# How to improve mottles?



## Print Tippler (May 18, 2011)

How do i work with mottles? i have two really great mottles which were nest mates i believe (bought them) and 3 with a good spread. A lot of them are REALLY white which just acouple specks, and now i got 3 new ones which are mostly black. Without going into too many pictures i show the 3 "classes"

How should i go about getting a good balance. Do you think a really black and really white one would break even? Why are there such a big difference in them. Different genes?

Really black









Pretty black








pretty even, 2nd best one









Really white


----------



## Tiplets (Aug 24, 2011)

The first thing you need to do if you want to get good Mottles is stop buying Grizzles or Spangle type Birds, that have white in the Head or white Tail & Flight feathers… Real Mottle Tipplers Don’t have white in the Head or white Tail & Flight feathers.

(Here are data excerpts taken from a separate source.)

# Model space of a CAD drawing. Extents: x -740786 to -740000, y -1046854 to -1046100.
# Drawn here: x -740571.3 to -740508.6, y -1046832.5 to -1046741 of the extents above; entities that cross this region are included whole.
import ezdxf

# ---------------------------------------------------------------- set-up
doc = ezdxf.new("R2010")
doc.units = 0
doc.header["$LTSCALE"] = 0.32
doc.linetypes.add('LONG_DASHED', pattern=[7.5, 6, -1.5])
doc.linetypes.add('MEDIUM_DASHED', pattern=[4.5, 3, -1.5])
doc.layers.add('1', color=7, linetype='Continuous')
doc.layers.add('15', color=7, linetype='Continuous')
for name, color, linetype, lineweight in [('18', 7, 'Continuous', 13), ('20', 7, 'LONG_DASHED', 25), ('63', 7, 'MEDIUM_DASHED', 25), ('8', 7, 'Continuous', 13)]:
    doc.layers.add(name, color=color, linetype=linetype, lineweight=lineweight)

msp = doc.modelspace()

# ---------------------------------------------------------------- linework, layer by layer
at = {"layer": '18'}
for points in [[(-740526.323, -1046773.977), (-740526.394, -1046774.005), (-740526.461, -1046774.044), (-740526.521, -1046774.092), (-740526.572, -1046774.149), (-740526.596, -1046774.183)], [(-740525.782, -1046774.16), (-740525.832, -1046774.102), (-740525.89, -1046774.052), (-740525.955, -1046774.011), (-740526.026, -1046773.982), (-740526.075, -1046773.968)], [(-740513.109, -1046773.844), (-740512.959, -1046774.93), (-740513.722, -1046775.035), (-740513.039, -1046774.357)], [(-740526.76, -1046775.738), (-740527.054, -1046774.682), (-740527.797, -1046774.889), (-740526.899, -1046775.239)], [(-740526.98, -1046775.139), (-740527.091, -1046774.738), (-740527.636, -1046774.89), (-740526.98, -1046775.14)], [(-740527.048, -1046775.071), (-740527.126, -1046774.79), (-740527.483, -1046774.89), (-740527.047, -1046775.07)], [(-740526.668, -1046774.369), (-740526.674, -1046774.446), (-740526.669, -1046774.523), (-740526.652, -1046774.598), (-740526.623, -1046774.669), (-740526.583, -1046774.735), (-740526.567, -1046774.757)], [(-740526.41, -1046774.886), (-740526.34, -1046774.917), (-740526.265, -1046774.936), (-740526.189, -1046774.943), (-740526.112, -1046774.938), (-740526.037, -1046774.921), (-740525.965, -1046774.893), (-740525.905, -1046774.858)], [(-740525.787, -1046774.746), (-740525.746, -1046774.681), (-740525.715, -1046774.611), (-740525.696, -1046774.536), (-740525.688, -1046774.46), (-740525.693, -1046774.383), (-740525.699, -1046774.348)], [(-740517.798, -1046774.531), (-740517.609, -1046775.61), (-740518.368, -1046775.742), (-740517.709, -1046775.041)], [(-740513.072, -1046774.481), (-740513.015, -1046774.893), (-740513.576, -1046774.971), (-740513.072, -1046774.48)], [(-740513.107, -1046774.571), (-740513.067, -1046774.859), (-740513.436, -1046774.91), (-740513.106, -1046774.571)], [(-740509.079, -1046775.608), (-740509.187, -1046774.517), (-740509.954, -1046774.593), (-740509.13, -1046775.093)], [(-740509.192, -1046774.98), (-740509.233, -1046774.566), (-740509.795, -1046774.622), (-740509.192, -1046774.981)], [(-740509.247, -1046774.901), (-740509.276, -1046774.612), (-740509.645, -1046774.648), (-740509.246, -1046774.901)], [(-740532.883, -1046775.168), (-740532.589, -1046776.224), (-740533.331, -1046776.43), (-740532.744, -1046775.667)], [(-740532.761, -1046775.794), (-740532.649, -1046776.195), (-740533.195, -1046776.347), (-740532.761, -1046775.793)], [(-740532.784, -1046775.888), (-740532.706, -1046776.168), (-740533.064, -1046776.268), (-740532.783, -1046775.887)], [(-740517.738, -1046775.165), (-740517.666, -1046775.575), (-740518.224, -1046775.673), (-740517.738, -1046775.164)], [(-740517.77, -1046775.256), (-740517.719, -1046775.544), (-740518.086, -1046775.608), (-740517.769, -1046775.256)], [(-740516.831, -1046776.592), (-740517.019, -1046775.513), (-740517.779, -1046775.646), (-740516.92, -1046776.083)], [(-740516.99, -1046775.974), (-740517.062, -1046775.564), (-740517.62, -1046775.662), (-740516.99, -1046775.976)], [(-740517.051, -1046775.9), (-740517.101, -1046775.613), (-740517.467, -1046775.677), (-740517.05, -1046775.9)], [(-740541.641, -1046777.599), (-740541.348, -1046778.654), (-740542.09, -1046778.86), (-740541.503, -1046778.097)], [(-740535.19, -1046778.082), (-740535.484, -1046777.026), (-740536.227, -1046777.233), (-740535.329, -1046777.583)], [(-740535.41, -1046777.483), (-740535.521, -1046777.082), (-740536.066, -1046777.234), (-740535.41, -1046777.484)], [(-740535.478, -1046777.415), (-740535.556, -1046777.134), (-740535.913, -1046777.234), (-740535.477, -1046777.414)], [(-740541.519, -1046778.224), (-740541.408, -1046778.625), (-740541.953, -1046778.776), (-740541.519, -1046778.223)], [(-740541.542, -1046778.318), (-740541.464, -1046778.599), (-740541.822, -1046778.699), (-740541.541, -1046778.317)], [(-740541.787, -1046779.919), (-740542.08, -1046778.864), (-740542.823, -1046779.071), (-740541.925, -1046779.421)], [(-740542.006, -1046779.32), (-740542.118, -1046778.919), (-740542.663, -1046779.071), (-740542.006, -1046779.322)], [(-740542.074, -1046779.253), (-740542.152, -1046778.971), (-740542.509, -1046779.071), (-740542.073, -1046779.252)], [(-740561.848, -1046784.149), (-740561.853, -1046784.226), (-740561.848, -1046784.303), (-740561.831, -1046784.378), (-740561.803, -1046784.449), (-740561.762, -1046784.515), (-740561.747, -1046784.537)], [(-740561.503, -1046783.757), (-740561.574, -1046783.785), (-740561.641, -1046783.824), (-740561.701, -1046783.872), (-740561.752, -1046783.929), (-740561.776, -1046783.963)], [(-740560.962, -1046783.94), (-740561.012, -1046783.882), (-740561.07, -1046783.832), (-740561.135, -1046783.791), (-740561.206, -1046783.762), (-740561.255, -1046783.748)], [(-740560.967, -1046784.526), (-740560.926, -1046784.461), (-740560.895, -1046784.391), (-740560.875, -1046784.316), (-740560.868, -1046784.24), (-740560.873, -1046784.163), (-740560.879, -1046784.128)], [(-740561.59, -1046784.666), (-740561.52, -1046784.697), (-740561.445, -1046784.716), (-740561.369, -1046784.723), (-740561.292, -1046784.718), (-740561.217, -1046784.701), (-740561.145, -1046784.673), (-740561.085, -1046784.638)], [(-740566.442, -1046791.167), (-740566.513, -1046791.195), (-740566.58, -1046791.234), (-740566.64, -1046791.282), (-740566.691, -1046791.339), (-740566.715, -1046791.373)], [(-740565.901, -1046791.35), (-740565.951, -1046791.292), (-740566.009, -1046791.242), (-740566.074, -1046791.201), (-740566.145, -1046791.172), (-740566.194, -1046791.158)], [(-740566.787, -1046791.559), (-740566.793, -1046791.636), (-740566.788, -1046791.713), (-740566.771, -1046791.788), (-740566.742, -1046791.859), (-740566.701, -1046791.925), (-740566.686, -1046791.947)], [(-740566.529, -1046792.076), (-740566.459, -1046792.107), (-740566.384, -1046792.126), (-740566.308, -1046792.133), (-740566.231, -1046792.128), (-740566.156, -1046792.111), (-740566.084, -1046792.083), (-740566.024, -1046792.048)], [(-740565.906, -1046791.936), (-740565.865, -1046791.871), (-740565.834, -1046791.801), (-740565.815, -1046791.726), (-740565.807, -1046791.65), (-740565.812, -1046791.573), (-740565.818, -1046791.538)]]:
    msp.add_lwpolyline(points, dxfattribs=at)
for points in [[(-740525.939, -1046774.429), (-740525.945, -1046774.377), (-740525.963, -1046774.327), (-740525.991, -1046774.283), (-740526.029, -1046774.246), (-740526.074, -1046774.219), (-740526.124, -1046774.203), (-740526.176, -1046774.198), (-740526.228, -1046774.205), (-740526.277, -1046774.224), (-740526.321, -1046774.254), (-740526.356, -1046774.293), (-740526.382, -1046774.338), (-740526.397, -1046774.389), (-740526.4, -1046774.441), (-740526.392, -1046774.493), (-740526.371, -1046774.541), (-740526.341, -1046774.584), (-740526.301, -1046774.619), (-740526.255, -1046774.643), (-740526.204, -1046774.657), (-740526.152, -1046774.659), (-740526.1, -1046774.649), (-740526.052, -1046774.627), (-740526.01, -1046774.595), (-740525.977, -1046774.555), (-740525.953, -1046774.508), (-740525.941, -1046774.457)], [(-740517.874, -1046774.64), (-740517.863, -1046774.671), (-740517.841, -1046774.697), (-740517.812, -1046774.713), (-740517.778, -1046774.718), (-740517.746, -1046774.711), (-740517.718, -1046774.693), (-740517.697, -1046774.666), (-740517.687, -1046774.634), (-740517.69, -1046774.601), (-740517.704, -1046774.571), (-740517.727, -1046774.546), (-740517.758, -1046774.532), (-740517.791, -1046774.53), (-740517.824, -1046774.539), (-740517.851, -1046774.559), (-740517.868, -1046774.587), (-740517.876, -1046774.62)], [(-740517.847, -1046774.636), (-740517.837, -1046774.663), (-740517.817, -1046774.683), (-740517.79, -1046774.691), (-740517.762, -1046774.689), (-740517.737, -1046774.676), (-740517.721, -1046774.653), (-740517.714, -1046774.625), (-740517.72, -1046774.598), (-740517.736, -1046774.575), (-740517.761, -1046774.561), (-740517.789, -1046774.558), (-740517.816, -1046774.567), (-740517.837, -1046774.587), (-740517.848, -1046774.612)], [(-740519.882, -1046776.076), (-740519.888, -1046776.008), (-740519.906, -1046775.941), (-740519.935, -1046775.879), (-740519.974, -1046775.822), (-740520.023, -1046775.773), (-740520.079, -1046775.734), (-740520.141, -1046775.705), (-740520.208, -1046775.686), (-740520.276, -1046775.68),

Maybe one of the best representatives of a true mottle Tipplers may be a Danish Tippler, these type of birds though they have smaller dots of white on the Wing shield will be better suited in helping you to produce Mottle tipplers with larger & bolder white spots, but still keeping the head, tail & Flight feathers true to color! having a few Solid blacks always Helps. 

Here are a few photos of the Type pattrens of Birds you should be Looking for, to start your breeding program in order to produce good true Mottle Tipplers.


----------



## Print Tippler (May 18, 2011)

Naw, those are alright but not the direction I want to go, I want the mottle look through out the whole bird with no areas of just solid black.


----------



## Tiplets (Aug 24, 2011)

Print Tippler said:


> Naw, those are alright but not the direction I want to go, I want the mottle look through out the whole bird with no areas of just solid black.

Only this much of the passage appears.